▶ Task requirements
Copy every line below where the string "name" is found.

▶ Working data
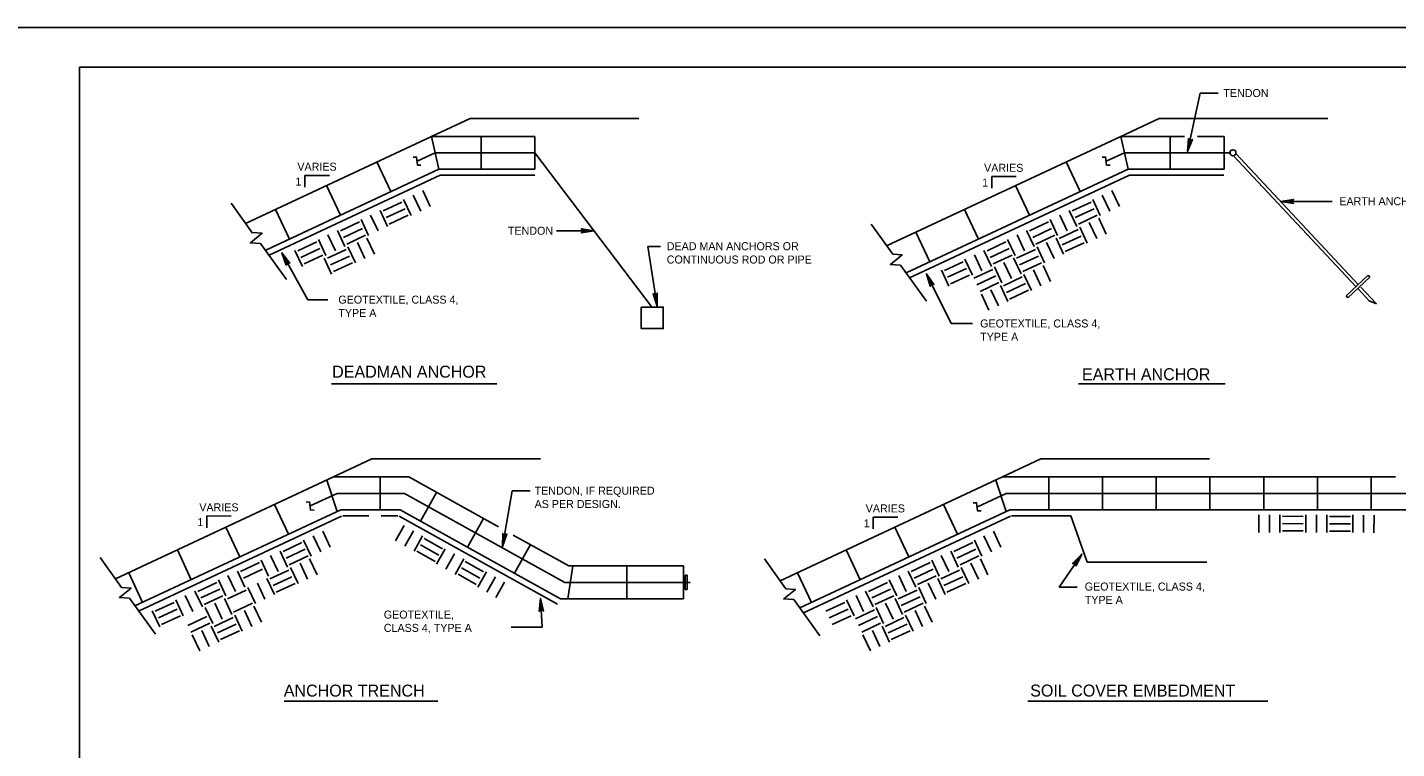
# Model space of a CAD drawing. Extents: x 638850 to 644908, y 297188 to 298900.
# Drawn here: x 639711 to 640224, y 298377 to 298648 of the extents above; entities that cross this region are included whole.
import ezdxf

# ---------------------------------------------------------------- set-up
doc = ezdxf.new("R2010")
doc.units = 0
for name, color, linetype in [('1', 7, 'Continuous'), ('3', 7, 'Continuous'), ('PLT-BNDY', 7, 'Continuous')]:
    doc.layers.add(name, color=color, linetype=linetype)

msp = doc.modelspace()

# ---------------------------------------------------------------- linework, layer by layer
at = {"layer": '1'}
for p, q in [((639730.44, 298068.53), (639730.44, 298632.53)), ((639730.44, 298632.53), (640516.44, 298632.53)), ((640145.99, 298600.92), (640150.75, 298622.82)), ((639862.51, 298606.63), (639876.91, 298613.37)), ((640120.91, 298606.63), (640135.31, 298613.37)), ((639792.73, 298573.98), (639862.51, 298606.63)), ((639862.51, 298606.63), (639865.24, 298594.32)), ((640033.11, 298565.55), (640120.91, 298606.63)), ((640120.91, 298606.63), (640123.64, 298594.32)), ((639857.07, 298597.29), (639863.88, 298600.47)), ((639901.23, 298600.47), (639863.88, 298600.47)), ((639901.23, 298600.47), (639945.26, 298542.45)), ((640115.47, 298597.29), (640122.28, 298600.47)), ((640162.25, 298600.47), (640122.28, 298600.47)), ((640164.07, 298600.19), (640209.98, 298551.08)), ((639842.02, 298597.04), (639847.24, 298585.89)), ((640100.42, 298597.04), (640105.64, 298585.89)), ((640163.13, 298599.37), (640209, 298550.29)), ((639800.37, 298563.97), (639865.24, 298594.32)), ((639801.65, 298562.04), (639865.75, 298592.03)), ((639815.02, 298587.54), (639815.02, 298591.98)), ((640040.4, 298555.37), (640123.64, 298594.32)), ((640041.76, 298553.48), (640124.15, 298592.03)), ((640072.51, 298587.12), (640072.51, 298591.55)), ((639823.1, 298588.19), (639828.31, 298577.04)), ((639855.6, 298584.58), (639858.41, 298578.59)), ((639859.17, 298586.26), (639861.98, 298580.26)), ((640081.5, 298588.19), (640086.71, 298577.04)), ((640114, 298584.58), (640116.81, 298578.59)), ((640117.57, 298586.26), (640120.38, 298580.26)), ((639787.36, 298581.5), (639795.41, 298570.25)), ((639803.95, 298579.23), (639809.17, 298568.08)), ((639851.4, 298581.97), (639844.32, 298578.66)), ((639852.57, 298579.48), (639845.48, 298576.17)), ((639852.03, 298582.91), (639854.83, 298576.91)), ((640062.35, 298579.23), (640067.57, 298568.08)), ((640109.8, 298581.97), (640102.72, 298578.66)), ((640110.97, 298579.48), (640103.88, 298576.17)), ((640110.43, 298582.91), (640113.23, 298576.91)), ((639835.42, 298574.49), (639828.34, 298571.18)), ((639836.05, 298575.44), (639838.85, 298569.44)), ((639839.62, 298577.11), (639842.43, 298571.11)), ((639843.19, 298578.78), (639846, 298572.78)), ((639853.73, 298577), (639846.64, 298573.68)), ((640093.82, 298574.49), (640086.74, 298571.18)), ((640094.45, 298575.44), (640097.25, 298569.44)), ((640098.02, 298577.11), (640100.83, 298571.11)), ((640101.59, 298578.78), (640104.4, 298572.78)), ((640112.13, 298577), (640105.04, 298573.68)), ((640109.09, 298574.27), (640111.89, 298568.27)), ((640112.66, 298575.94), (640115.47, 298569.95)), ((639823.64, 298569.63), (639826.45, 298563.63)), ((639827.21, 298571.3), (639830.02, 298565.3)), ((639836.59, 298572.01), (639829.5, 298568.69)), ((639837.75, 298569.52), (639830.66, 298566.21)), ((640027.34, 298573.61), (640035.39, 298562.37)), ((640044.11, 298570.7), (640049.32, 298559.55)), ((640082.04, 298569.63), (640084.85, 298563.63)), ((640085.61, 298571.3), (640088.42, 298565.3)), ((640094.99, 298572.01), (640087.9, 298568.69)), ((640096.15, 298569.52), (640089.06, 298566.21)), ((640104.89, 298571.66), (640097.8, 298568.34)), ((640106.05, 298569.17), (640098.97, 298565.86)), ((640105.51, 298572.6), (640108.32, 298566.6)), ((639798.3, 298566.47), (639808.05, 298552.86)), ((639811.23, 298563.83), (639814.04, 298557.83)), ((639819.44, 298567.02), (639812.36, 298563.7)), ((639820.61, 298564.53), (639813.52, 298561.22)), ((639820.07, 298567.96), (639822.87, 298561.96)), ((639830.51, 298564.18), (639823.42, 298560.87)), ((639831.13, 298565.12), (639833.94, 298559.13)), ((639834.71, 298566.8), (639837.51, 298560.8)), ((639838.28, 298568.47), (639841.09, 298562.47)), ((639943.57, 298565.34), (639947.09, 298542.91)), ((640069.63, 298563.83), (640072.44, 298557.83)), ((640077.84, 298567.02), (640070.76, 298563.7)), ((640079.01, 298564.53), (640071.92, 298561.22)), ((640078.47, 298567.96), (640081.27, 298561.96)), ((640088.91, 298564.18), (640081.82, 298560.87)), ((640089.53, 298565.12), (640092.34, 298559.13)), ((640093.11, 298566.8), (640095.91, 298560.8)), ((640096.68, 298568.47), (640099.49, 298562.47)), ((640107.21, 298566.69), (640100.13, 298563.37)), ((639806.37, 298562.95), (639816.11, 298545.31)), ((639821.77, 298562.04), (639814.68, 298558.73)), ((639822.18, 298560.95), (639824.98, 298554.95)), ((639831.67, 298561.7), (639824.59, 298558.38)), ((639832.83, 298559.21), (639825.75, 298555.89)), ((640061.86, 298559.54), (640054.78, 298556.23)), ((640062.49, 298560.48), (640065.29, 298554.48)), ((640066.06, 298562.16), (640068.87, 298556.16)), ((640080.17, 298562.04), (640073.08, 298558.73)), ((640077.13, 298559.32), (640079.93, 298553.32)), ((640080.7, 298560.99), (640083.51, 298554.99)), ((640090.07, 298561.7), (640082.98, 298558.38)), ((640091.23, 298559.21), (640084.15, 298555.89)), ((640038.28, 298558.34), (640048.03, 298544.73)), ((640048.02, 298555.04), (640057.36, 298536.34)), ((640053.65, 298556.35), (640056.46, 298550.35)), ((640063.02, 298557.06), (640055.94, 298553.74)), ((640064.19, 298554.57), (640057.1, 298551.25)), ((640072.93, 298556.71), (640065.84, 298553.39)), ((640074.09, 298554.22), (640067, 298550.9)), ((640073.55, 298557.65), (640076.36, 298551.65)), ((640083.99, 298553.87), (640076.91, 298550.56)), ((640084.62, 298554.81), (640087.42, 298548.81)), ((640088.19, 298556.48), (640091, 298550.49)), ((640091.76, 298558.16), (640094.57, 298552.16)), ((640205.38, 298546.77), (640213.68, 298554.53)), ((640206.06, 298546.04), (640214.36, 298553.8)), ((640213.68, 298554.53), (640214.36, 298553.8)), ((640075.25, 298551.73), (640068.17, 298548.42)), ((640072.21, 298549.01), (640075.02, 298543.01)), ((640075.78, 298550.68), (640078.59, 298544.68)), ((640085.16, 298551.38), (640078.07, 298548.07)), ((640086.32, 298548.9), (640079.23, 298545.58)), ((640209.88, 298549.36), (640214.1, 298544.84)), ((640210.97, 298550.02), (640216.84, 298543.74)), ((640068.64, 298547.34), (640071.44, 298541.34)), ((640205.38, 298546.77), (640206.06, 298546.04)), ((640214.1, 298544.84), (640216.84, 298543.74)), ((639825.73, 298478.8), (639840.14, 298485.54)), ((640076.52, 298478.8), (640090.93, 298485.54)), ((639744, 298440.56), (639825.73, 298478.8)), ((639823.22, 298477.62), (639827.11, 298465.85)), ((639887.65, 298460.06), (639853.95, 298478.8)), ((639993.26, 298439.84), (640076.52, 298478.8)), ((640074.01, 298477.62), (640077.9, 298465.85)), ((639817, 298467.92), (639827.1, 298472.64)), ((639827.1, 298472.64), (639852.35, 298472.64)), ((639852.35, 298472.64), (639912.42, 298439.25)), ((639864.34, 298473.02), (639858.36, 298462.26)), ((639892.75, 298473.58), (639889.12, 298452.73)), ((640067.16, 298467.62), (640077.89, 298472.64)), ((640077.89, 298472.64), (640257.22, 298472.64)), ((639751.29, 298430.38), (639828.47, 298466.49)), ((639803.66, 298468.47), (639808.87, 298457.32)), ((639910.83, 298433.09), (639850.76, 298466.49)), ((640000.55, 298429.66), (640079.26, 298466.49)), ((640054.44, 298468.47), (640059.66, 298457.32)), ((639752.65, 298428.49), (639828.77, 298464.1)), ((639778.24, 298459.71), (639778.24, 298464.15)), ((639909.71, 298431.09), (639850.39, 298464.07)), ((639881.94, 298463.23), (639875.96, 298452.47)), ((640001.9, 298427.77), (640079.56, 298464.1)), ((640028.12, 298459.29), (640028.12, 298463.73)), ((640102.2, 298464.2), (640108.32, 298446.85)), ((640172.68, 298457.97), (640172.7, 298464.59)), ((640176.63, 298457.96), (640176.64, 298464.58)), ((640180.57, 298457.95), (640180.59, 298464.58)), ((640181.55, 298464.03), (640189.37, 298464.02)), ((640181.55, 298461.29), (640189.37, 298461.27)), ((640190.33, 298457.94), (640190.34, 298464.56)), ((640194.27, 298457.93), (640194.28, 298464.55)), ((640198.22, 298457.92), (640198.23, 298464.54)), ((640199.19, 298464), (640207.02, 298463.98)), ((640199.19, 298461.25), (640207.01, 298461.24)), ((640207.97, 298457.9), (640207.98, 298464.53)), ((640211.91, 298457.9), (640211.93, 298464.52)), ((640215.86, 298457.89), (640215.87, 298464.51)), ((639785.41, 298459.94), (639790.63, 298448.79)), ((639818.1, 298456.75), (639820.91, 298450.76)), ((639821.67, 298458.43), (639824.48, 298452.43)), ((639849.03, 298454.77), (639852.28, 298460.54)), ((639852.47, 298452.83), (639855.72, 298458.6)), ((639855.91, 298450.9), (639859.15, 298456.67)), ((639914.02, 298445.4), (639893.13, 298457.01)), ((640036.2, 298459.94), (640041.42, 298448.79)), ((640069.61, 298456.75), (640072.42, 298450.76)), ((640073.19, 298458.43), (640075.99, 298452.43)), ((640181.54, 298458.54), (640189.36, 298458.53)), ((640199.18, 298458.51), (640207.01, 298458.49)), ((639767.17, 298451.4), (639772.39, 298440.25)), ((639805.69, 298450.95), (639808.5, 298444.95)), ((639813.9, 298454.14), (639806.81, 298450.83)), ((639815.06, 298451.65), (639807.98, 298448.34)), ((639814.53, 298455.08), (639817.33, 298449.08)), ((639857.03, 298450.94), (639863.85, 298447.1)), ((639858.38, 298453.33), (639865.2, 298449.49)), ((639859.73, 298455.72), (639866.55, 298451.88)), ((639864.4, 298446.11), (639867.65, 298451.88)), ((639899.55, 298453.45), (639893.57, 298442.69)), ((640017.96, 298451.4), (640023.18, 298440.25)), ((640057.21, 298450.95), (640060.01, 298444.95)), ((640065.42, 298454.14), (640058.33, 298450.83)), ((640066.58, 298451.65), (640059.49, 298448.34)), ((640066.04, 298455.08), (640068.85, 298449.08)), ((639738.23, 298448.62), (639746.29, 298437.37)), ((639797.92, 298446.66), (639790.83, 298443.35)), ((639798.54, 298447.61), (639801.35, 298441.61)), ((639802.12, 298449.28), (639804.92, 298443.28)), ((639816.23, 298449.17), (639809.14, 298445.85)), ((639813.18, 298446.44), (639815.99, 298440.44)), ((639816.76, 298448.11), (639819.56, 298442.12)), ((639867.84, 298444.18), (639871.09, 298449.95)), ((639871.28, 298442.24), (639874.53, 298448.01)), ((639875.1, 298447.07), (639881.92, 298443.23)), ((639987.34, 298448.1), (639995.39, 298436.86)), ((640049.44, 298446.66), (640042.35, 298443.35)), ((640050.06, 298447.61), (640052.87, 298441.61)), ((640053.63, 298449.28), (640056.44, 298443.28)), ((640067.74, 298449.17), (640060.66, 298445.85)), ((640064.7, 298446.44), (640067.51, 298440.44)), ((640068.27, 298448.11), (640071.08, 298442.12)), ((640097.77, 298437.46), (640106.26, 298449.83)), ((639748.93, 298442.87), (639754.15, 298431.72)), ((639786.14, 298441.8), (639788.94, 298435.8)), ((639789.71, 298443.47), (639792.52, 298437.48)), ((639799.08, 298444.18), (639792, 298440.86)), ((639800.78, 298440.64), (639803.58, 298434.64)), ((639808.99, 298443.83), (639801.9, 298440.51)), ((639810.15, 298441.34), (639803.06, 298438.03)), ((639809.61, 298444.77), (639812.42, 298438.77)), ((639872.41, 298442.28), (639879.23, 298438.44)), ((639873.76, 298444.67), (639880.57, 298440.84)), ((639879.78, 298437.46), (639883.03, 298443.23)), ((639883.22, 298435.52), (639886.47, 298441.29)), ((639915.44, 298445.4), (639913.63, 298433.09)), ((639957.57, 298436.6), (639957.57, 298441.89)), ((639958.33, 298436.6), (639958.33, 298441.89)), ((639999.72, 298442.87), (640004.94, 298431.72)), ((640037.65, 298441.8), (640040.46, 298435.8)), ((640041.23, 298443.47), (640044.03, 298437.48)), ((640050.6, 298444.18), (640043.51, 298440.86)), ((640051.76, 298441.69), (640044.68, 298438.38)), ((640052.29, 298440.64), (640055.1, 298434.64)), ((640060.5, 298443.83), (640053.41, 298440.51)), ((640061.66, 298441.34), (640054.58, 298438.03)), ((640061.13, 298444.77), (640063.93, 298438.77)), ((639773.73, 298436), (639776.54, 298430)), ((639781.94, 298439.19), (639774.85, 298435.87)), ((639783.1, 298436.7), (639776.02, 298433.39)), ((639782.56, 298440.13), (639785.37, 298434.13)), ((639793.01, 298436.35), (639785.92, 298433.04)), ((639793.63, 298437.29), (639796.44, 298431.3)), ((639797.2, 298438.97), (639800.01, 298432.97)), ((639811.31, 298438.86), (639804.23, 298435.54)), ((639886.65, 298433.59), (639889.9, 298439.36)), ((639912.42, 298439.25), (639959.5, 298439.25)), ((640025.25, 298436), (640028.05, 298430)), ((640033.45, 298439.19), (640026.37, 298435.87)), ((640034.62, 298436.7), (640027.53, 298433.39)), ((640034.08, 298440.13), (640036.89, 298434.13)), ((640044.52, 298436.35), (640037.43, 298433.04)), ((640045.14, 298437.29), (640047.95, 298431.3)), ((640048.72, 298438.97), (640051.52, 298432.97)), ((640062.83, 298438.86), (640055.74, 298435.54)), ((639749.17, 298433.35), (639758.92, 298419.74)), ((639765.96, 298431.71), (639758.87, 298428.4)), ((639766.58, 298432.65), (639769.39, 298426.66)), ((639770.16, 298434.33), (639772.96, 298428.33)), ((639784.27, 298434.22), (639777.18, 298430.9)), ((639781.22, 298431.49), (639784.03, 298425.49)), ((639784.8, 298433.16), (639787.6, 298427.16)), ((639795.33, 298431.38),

▶ Written answer
for name, color, linetype in [('1', 7, 'Continuous'), ('3', 7, 'Continuous'), ('PLT-BNDY', 7, 'Continuous')]:
    doc.layers.add(name, color=color, linetype=linetype)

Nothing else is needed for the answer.